照我的理解,作者這首詞是從農村的一個非勞動環境中看到一些非勞動成員的生活剪影,反映出春日農村有生機、有情趣的一面。上片第一、二兩句是作者望中所見,鏡頭稍遠。“茅檐低小”,鄧《箋》引杜甫《絕句漫興》:“熟知茅齋絕低小,江上燕子故來頻。”此正寫南宋當時農村生活條件并不很好。如果不走近這低小的茅檐下,是看不到這戶人家活動,也聽不到人們講話的聲音的。第二句點明茅屋距小溪不遠,而溪上草已返青,實暗用謝靈運《登池上樓》“池塘生春草”語意,說明春到農村,生機無限,又是農忙季節了。作者略含醉意,迤逦行來,及至走近村舍茅檐,卻聽到一陣用吳音對話的聲音,使自己感到親切悅耳(即所謂“相媚好”),這才發現這一家的成年人都己下田勞動,隻有一對老夫婦留在家裡,娓娓地叙家常。
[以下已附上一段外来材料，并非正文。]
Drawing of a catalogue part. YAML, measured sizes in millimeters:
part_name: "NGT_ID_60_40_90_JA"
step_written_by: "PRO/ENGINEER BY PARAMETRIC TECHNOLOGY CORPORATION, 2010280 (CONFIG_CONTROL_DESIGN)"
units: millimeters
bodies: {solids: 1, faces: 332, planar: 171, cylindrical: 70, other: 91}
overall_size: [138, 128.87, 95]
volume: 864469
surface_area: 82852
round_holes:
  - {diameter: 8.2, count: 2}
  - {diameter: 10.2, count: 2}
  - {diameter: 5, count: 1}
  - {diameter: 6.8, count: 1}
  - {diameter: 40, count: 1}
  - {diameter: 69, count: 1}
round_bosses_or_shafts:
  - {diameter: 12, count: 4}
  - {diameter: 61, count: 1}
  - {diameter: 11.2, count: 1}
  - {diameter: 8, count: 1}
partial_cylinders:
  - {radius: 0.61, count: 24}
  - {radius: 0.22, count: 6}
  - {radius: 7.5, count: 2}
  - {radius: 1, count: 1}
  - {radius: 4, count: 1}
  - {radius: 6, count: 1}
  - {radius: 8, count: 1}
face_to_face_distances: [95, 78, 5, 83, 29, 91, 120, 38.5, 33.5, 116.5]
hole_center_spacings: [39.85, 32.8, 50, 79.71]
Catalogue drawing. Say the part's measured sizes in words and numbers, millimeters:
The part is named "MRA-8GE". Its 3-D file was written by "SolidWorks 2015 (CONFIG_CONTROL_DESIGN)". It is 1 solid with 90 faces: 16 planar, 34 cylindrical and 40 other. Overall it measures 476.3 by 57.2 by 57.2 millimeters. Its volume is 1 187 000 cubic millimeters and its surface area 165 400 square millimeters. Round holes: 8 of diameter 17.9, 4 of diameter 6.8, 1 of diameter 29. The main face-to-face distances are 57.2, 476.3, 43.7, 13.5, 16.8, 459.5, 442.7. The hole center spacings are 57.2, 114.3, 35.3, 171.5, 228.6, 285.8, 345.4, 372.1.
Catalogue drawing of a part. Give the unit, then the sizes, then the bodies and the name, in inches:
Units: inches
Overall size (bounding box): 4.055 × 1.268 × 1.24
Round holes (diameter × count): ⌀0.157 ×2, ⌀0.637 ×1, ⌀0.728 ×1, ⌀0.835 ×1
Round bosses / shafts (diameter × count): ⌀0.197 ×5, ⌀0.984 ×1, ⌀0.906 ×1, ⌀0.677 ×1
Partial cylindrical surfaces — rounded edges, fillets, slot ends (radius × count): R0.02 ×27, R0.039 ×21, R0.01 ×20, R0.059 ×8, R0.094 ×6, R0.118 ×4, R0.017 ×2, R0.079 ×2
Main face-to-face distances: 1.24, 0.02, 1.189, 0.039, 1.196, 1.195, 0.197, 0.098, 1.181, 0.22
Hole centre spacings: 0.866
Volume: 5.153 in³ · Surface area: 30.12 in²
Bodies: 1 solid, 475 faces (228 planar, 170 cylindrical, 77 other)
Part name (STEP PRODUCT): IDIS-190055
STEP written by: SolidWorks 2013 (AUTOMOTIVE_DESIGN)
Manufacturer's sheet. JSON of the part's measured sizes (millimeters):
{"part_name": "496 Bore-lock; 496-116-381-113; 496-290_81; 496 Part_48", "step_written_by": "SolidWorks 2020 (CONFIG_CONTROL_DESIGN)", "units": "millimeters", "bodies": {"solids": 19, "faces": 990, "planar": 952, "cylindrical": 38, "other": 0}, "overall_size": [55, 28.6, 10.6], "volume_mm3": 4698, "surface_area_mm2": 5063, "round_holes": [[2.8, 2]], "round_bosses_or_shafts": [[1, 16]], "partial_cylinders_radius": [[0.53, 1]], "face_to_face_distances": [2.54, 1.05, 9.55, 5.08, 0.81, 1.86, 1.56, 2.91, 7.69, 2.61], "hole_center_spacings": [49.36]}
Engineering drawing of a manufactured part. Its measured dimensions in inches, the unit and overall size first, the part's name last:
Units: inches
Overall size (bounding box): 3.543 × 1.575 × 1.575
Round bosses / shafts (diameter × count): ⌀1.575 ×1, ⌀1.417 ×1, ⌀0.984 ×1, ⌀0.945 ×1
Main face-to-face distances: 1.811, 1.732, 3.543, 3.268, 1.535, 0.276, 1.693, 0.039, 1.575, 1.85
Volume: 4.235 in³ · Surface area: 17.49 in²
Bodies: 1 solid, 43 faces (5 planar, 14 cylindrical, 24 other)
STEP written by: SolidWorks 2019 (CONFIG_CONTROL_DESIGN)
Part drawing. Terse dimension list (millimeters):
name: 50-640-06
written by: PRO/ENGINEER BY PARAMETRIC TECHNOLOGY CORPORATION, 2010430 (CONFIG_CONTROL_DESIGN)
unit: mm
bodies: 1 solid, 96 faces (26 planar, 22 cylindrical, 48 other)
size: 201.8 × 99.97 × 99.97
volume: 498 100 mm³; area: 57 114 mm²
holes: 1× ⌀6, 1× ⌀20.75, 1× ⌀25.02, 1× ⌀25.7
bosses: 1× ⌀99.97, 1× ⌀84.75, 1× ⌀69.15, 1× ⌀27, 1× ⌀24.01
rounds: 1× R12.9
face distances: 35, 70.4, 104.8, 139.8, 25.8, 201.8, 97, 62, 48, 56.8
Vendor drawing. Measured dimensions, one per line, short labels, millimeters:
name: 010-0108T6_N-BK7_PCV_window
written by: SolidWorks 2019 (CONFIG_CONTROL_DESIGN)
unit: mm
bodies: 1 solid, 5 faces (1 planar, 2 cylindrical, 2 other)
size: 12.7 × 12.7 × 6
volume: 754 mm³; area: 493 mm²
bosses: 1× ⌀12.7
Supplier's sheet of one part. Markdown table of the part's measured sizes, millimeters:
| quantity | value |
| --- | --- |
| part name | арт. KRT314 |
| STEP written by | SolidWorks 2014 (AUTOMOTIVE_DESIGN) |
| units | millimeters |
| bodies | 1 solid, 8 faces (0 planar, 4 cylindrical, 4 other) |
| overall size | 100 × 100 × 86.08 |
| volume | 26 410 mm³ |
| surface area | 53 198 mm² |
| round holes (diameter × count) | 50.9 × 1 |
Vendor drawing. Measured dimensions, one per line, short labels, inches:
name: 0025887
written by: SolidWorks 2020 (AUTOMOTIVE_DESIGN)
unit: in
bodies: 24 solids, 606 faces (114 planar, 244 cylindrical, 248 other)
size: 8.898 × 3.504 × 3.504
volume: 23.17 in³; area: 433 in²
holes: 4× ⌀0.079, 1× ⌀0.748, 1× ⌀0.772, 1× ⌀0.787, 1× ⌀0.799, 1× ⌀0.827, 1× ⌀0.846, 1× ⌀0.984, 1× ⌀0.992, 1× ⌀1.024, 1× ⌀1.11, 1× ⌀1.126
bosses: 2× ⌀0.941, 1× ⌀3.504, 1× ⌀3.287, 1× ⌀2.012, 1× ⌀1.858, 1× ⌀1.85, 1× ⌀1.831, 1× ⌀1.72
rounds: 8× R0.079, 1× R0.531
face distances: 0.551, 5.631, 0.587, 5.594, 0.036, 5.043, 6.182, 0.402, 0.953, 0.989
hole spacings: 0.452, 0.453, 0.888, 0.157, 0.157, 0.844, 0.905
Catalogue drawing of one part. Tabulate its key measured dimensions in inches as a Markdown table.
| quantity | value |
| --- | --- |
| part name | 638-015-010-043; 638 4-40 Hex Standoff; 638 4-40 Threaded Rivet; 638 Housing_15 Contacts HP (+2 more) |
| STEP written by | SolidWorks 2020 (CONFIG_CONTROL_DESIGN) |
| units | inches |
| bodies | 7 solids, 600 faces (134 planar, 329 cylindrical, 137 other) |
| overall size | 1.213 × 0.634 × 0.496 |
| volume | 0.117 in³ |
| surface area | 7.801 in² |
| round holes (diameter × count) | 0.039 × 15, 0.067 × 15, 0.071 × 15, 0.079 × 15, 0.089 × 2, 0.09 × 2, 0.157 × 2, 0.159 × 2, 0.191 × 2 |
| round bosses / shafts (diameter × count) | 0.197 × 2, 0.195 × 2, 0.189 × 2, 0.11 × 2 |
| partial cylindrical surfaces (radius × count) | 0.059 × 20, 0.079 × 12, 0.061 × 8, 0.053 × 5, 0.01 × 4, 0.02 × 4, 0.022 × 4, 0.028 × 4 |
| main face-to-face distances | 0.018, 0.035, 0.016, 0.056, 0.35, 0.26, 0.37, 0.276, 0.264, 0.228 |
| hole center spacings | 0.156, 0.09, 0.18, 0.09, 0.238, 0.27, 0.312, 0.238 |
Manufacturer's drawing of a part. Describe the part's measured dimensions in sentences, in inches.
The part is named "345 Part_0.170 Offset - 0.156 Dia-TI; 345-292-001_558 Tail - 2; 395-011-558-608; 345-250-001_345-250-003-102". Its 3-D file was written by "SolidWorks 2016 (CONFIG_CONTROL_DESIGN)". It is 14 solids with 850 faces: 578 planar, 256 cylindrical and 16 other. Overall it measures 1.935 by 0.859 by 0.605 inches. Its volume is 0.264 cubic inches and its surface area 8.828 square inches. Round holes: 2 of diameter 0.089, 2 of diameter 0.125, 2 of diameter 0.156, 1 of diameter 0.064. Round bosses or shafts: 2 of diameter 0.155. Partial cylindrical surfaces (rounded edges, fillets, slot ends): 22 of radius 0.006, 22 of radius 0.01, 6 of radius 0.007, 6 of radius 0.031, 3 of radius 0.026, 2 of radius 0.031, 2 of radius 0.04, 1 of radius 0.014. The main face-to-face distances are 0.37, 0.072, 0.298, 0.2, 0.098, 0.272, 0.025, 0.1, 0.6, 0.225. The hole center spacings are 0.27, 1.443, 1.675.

所以用了一個反問句:“這是誰家的老人呢?”然後轉入對這一家的其他少年人的描繪。這樣講,主客觀層次較為分明,比把“醉”的主語指翁媪似更台情理。

下片寫大兒鋤豆,中兒編縱雞籠,都是寫非正式勞動成員在搞一些副業性質的勞動。這說明農村中絕大多數并非坐以待食,不勞而獲的閑人,即使是未成丁的孩予也要幹點力所能及的活兒,則成年人的辛苦勤奮可想而知。隻有老人和尚無勞動力的年齡最小的孩子,才悠然自得其樂。這實際上是從《莊子·馬蹄篇》“含哺而熙(嬉),鼓腹而遊”的描寫化出,卻比《莊子》寫得更為生動,更為含蓄,也更形象化。特别是作者用了側筆反襯手法,反映農村生活中一個恬靜閑适的側面,卻給讀者留下了大幅度的想象補充餘地。這與作者的一首[鸱鸪天]的結尾,所謂“城中桃李愁風雨,春在溪頭荠菜花”正是同一機杼,從藝術效果看,也正有異曲同工之妙。